Hello all here is my haunt for this year:

http://img.photobucket.com/albums/v147/jmalt31/Halloween%202015/SDV_0321_zpsrxajdqkk.mp4

http://img.photobucket.com/albums/v147/jmalt31/Halloween%202015/SDV_0325_zpsyxigcswe.mp4

http://img.photobucket.com/albums/v147/jmalt31/Halloween%202015/SDV_0324_zps2f7jjso1.mp4


----------



## matrixmom (Aug 20, 2011)

That candy machine is too funny ...so which is the magic button to get the candy???


----------



## hpropman (Jul 27, 2008)

the big red one on the right - you can more of it in this post in the showroom:

http://www.hauntforum.com/showthread.php?t=42336


----------



## RoxyBlue (Oct 6, 2008)

You can tell the candy machine was a big draw because the kids had to be brave enough to go by the big evil dude to get to it.


----------



## heresjohnny (Feb 15, 2006)

Love the interactive nature of your haunt, that is a really good idea!


----------



## Pumpkin5 (Aug 8, 2010)

:jol:Love your haunt!

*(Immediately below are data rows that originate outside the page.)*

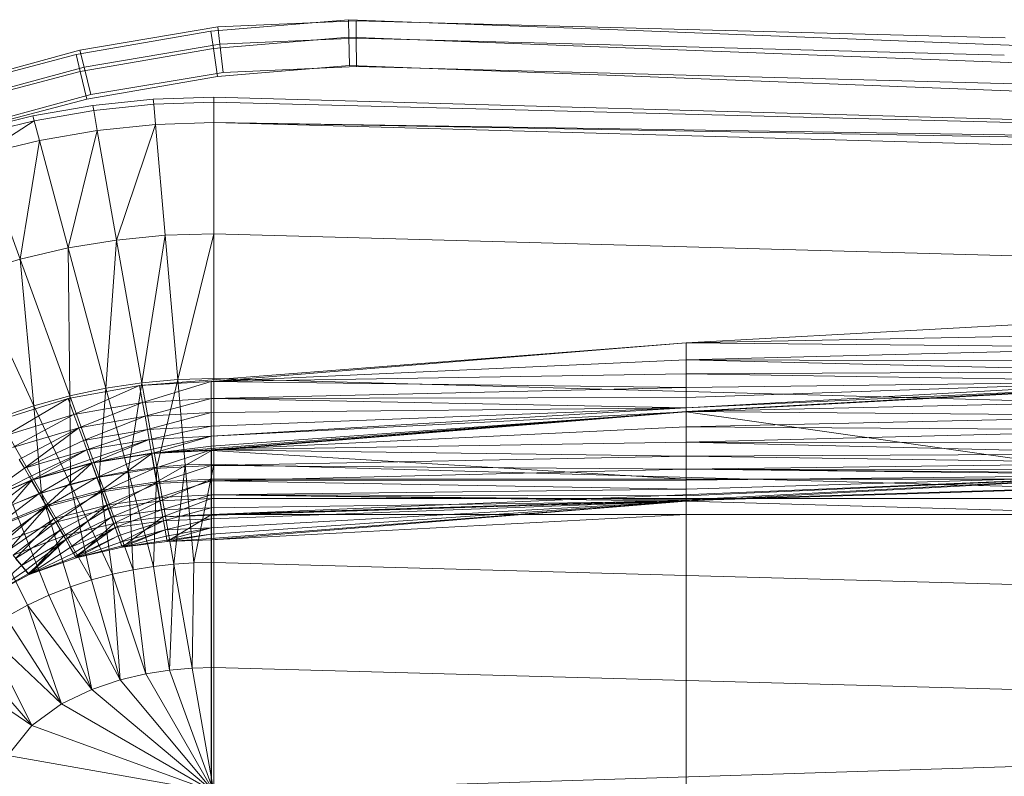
# Model space of a CAD drawing. Header units: metres. Extents: x 391.1 to 427.5, y 12.8 to 28.4.
# Tile 114 of 149: x 406.619 to 406.857, y 26.456 to 26.639. Entities that reach past the tile are written whole.
import ezdxf

# ---------------------------------------------------------------- set-up
doc = ezdxf.new("R2010")
doc.units = ezdxf.units.M
doc.layers.add('A-DETL-____-MBND', color=7, linetype='Continuous', lineweight=18)

# ---------------------------------------------------------------- blocks, each defined once
blk = doc.blocks.new('Family - Inodor PA-152140-03_TEL_P0A')
at = {"layer": 'A-DETL-____-MBND', "color": 253, "true_color": 0xaaaaaa}
for p, q in [((0.2158, 0.38396), (0.24905, 0.38674)), ((0.2158, 0.38396), (0.24905, 0.38674)), ((0.25093, 0.38648), (0.21744, 0.38501)), ((0.25093, 0.38648), (0.21744, 0.38501)), ((0.24905, 0.38674), (0.24916, 0.38251)), ((0.24916, 0.38251), (0.24905, 0.38674)), ((0.24905, 0.38674), (0.31422, 0.38426)), ((0.24905, 0.38674), (0.31422, 0.38426)), ((0.40793, 0.38234), (0.25093, 0.38648)), ((0.25093, 0.38648), (0.25097, 0.38225)), ((0.40793, 0.38234), (0.25093, 0.38648)), ((0.25097, 0.38225), (0.25093, 0.38648)), ((0.18317, 0.37834), (0.2158, 0.38396)), ((0.18317, 0.37834), (0.2158, 0.38396)), ((0.21744, 0.38501), (0.18411, 0.3794)), ((0.21744, 0.38501), (0.18411, 0.3794)), ((0.2158, 0.38396), (0.2164, 0.37977)), ((0.2164, 0.37977), (0.2158, 0.38396)), ((0.21744, 0.38501), (0.21793, 0.3808)), ((0.21793, 0.3808), (0.21744, 0.38501)), ((0.31422, 0.38426), (0.50472, 0.37687)), ((0.31422, 0.38426), (0.50472, 0.37687)), ((0.2164, 0.37977), (0.24916, 0.38251)), ((0.2164, 0.37977), (0.24916, 0.38251)), ((0.25097, 0.38225), (0.21793, 0.3808)), ((0.25097, 0.38225), (0.21793, 0.3808)), ((0.24916, 0.38251), (0.24933, 0.37566)), ((0.24933, 0.37566), (0.24916, 0.38251)), ((0.24916, 0.38251), (0.31404, 0.38004)), ((0.24916, 0.38251), (0.31404, 0.38004)), ((0.40776, 0.37812), (0.25097, 0.38225)), ((0.25097, 0.38225), (0.25103, 0.37541)), ((0.40776, 0.37812), (0.25097, 0.38225)), ((0.25103, 0.37541), (0.25097, 0.38225)), ((0.18411, 0.3794), (0.15186, 0.3706)), ((0.18411, 0.3794), (0.15186, 0.3706)), ((0.18411, 0.3794), (0.18512, 0.37527)), ((0.18512, 0.37527), (0.18411, 0.3794)), ((0.18417, 0.37421), (0.2164, 0.37977)), ((0.18417, 0.37421), (0.2164, 0.37977)), ((0.21793, 0.3808), (0.18512, 0.37527)), ((0.21793, 0.3808), (0.18512, 0.37527)), ((0.2164, 0.37977), (0.21736, 0.37298)), ((0.21736, 0.37298), (0.2164, 0.37977)), ((0.21793, 0.3808), (0.21873, 0.37399)), ((0.21873, 0.37399), (0.21793, 0.3808)), ((0.31404, 0.38004), (0.50425, 0.37265)), ((0.31404, 0.38004), (0.50425, 0.37265)), ((0.15122, 0.3699), (0.18317, 0.37834)), ((0.15122, 0.3699), (0.18317, 0.37834)), ((0.18317, 0.37834), (0.18417, 0.37421)), ((0.18417, 0.37421), (0.18317, 0.37834)), ((0.15261, 0.36588), (0.18417, 0.37421)), ((0.15261, 0.36588), (0.18417, 0.37421)), ((0.18512, 0.37527), (0.15326, 0.36659)), ((0.18512, 0.37527), (0.15326, 0.36659)), ((0.18417, 0.37421), (0.18578, 0.36754)), ((0.18578, 0.36754), (0.18417, 0.37421)), ((0.18512, 0.37527), (0.18674, 0.3686)), ((0.18674, 0.3686), (0.18512, 0.37527)), ((0.24933, 0.37566), (0.21736, 0.37298)), ((0.24933, 0.37566), (0.21736, 0.37298)), ((0.21736, 0.37298), (0.24933, 0.37566)), ((0.24933, 0.37566), (0.21736, 0.37298)), ((0.25103, 0.37541), (0.21873, 0.37399)), ((0.25103, 0.37541), (0.21873, 0.37399)), ((0.31375, 0.3732), (0.24933, 0.37566)), ((0.31375, 0.3732), (0.24933, 0.37566)), ((0.24933, 0.37566), (0.31375, 0.3732)), ((0.31375, 0.3732), (0.24933, 0.37566)), ((0.40749, 0.37128), (0.25103, 0.37541)), ((0.40749, 0.37128), (0.25103, 0.37541)), ((0.21736, 0.37298), (0.18578, 0.36754)), ((0.21736, 0.37298), (0.18578, 0.36754)), ((0.18578, 0.36754), (0.21736, 0.37298)), ((0.21736, 0.37298), (0.18578, 0.36754)), ((0.21873, 0.37399), (0.18674, 0.3686)), ((0.21873, 0.37399), (0.18674, 0.3686)), ((0.5035, 0.36584), (0.31375, 0.3732)), ((0.5035, 0.36584), (0.31375, 0.3732)), ((0.31375, 0.3732), (0.5035, 0.36584)), ((0.5035, 0.36584), (0.31375, 0.3732)), ((0.72691, 0.36417), (0.40749, 0.37128)), ((0.72691, 0.36417), (0.40749, 0.37128)), ((0.18578, 0.36754), (0.15485, 0.35938)), ((0.18578, 0.36754), (0.15485, 0.35938)), ((0.15485, 0.35938), (0.18578, 0.36754)), ((0.18578, 0.36754), (0.15485, 0.35938)), ((0.18674, 0.3686), (0.15553, 0.36009)), ((0.18674, 0.3686), (0.15553, 0.36009)), ((0.18724, 0.36596), (0.20186, 0.36747)), ((0.20186, 0.36747), (0.21652, 0.36797)), ((0.20196, 0.36629), (0.20186, 0.36747)), ((0.21652, 0.36797), (0.21652, 0.36678)), ((0.21652, 0.36797), (0.7262, 0.35389)), ((0.1727, 0.36344), (0.18724, 0.36596)), ((0.18745, 0.36479), (0.17301, 0.36229)), ((0.18745, 0.36479), (0.18724, 0.36596)), ((0.20196, 0.36629), (0.18745, 0.36479)), ((0.1883, 0.35992), (0.18745, 0.36479)), ((0.21652, 0.36678), (0.20196, 0.36629)), ((0.20239, 0.36136), (0.20196, 0.36629)), ((0.7262, 0.35389), (0.21652, 0.36678)), ((0.21652, 0.36678), (0.21652, 0.36184)), ((0.1583, 0.35988), (0.1727, 0.36344)), ((0.17301, 0.36229), (0.1587, 0.35877)), ((0.17301, 0.36229), (0.16039, 0.35412)), ((0.17301, 0.36229), (0.1727, 0.36344)), ((0.17429, 0.35751), (0.17301, 0.36229)), ((0.1883, 0.35992), (0.17429, 0.35751)), ((0.1883, 0.35992), (0.18126, 0.3315)), ((0.20239, 0.36136), (0.1883, 0.35992)), ((0.19298, 0.33342), (0.1883, 0.35992)), ((0.20239, 0.36136), (0.19298, 0.33342)), ((0.21652, 0.36184), (0.20239, 0.36136)), ((0.20474, 0.33457), (0.20239, 0.36136)), ((0.7262, 0.35389), (0.21652, 0.36184)), ((0.7262, 0.35271), (0.21652, 0.36184)), ((0.7262, 0.34776), (0.21652, 0.36184)), ((0.21652, 0.33495), (0.21652, 0.36184)), ((0.17429, 0.35751), (0.16039, 0.35412)), ((0.17429, 0.35751), (0.16961, 0.32879)), ((0.18126, 0.3315), (0.17429, 0.35751)), ((0.16961, 0.32879), (0.16039, 0.35412)), ((0.20474, 0.33457), (0.19298, 0.33342)), ((0.20474, 0.33457), (0.19907, 0.29889)), ((0.21652, 0.33495), (0.20474, 0.33457)), ((0.20779, 0.29966), (0.20474, 0.33457)), ((0.21652, 0.33495), (0.20779, 0.29966)), ((0.7262, 0.32087), (0.21652, 0.33495)), ((0.21652, 0.29991), (0.21652, 0.33495)), ((0.18126, 0.3315), (0.16961, 0.32879)), ((0.19298, 0.33342), (0.18126, 0.3315)), ((0.19035, 0.29759), (0.18126, 0.3315)), ((0.18126, 0.3315), (0.18164, 0.29575)), ((0.19298, 0.33342), (0.19035, 0.29759)), ((0.19907, 0.29889), (0.19298, 0.33342)), ((0.16961, 0.32879), (0.15807, 0.32526)), ((0.18164, 0.29575), (0.16961, 0.32879)), ((0.16961, 0.32879), (0.17296, 0.29333)), ((0.17296, 0.29333), (0.15807, 0.32526)), ((0.44565, 0.31489), (0.33076, 0.30854)), ((0.44566, 0.31079), (0.33076, 0.30854)), ((0.44566, 0.31079), (0.33076, 0.30854)), ((0.33076, 0.30854), (0.19854, 0.29818)), ((0.33076, 0.30854), (0.21587, 0.2992)), ((0.33076, 0.30854), (0.21587, 0.2992)), ((0.44566, 0.30737), (0.33076, 0.30854)), ((0.33076, 0.30854), (0.44566, 0.30737)), ((0.33076, 0.30854), (0.33077, 0.30444)), ((0.33076, 0.30854), (0.33077, 0.30444)), ((0.44566, 0.30737), (0.33077, 0.30444)), ((0.44566, 0.30737), (0.33077, 0.30444)), ((0.33077, 0.30444), (0.21587, 0.2992)), ((0.33077, 0.30444), (0.21587, 0.2992)), ((0.44566, 0.30409), (0.33077, 0.30444)), ((0.33077, 0.30444), (0.44566, 0.30409)), ((0.33077, 0.30444), (0.44566, 0.30165)), ((0.33077, 0.30444), (0.44566, 0.30165)), ((0.33077, 0.30444), (0.33077, 0.30102)), ((0.33077, 0.30444), (0.33077, 0.30102)), ((0.33077, 0.30102), (0.21587, 0.2992)), ((0.33077, 0.30102), (0.21587, 0.2992)), ((0.44566, 0.30165), (0.33077, 0.30102)), ((0.44566, 0.30165), (0.33077, 0.30102)), ((0.44566, 0.2992), (0.33077, 0.30102)), ((0.33077, 0.30102), (0.44566, 0.2992)), ((0.33077, 0.30102), (0.33077, 0.29774)), ((0.33077, 0.30102), (0.33077, 0.29774)), ((0.19854, 0.29818), (0.18124, 0.29507)), ((0.19854, 0.29818), (0.18265, 0.29122)), ((0.19854, 0.29818), (0.18265, 0.29122)), ((0.19907, 0.29889), (0.19035, 0.29759)), ((0.19907, 0.29889), (0.19574, 0.27748)), ((0.21587, 0.2992), (0.19854, 0.29818)), ((0.21587, 0.2992), (0.19854, 0.29818)), ((0.19926, 0.29414), (0.19854, 0.29818)), ((0.19854, 0.29818), (0.19926, 0.29414)), ((0.20779, 0.29966), (0.19907, 0.29889)), ((0.20268, 0.27842), (0.19907, 0.29889)), ((0.21587, 0.2992), (0.19926, 0.29414)), ((0.21587, 0.2992), (0.19926, 0.29414)), ((0.20779, 0.29966), (0.20268, 0.27842)), ((0.21652, 0.29991), (0.20779, 0.29966)), ((0.2096, 0.27898), (0.20779, 0.29966)), ((0.33077, 0.29774), (0.21587, 0.2992)), ((0.21587, 0.2992), (0.33077, 0.29774)), ((0.21587, 0.2992), (0.21587, 0.2951)), ((0.21587, 0.2992), (0.21587, 0.2951)), ((0.7262, 0.28584), (0.21652, 0.29991)), ((0.21652, 0.27916), (0.21652, 0.29991)), ((0.44566, 0.2992), (0.33077, 0.29774)), ((0.44566, 0.2992), (0.33077, 0.29285)), ((0.44566, 0.2992), (0.33077, 0.29531)), ((0.44566, 0.2992), (0.33077, 0.29774)), ((0.44566, 0.2992), (0.33077, 0.29285)), ((0.44566, 0.2992), (0.33077, 0.29531)), ((0.44572, 0.2982), (0.33077, 0.29285)), ((0.44572, 0.2982), (0.33077, 0.29285)), ((0.44571, 0.29829), (0.33082, 0.29195)), ((0.44572, 0.2982), (0.33082, 0.29185)), ((0.44572, 0.2982), (0.33082, 0.29185)), ((0.18164, 0.29575), (0.17296, 0.29333)), ((0.19035, 0.29759), (0.18164, 0.29575)), ((0.18878, 0.27613), (0.18164, 0.29575)), ((0.18164, 0.29575), (0.1818, 0.27436)), ((0.19035, 0.29759), (0.18878, 0.27613)), ((0.19574, 0.27748), (0.19035, 0.29759)), ((0.33077, 0.29774), (0.21587, 0.2951)), ((0.33077, 0.29774), (0.21587, 0.2951)), ((0.33077, 0.29531), (0.33077, 0.29774)), ((0.33077, 0.29774), (0.33077, 0.29531)), ((0.18124, 0.29507), (0.16404, 0.28969)), ((0.17296, 0.29333), (0.16433, 0.29031)), ((0.18124, 0.29507), (0.16609, 0.28614)), ((0.18124, 0.29507), (0.16609, 0.28614)), ((0.1818, 0.27436), (0.17296, 0.29333)), ((0.17296, 0.29333), (0.17482, 0.27214)), ((0.18265, 0.29122), (0.18124, 0.29507)), ((0.18124, 0.29507), (0.18265, 0.29122)), ((0.19926, 0.29414), (0.18265, 0.29122)), ((0.19926, 0.29414), (0.18265, 0.29122)), ((0.19926, 0.29414), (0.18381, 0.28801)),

The pumpkin head creature is super cool and that is a really unique idea on the candy machine. The kids seemed to love it. That one little girl in the gray shirt was really bossing the other kids, pushing their hands away and stuff, ha, ha. She had a really long, Arsenio-Hall-type index finger. (now that is scary!)


----------



## Hairazor (Mar 13, 2012)

Last words--Hey ya all watch this--love it. Your candy machine is mighty cool and looks like the kids think so too!!


----------



## Copchick (Apr 10, 2012)

Oh yeah, that candy machine is really cool! Nice haunt.


----------



## hpropman (Jul 27, 2008)

Thank you everyone for the nice comments - the little girl (the boss) was Bella one of the neighbors kids her older sister was next to her. Since she is the youngest of the group she is the scrappiest one.


----------



## punkineater (Apr 26, 2014)

What a treat for the kids!!! That candy machine is awesomesauce!!!


----------



## The Halloween Lady (Aug 18, 2010)

Oh dude that is one super cool candy machine! Your entire set up is super creepy. I hope the neighborhood kids know how lucky they are. Not only do you have a super set up, it looks like your the only house on the culdesac that does anything at all!


----------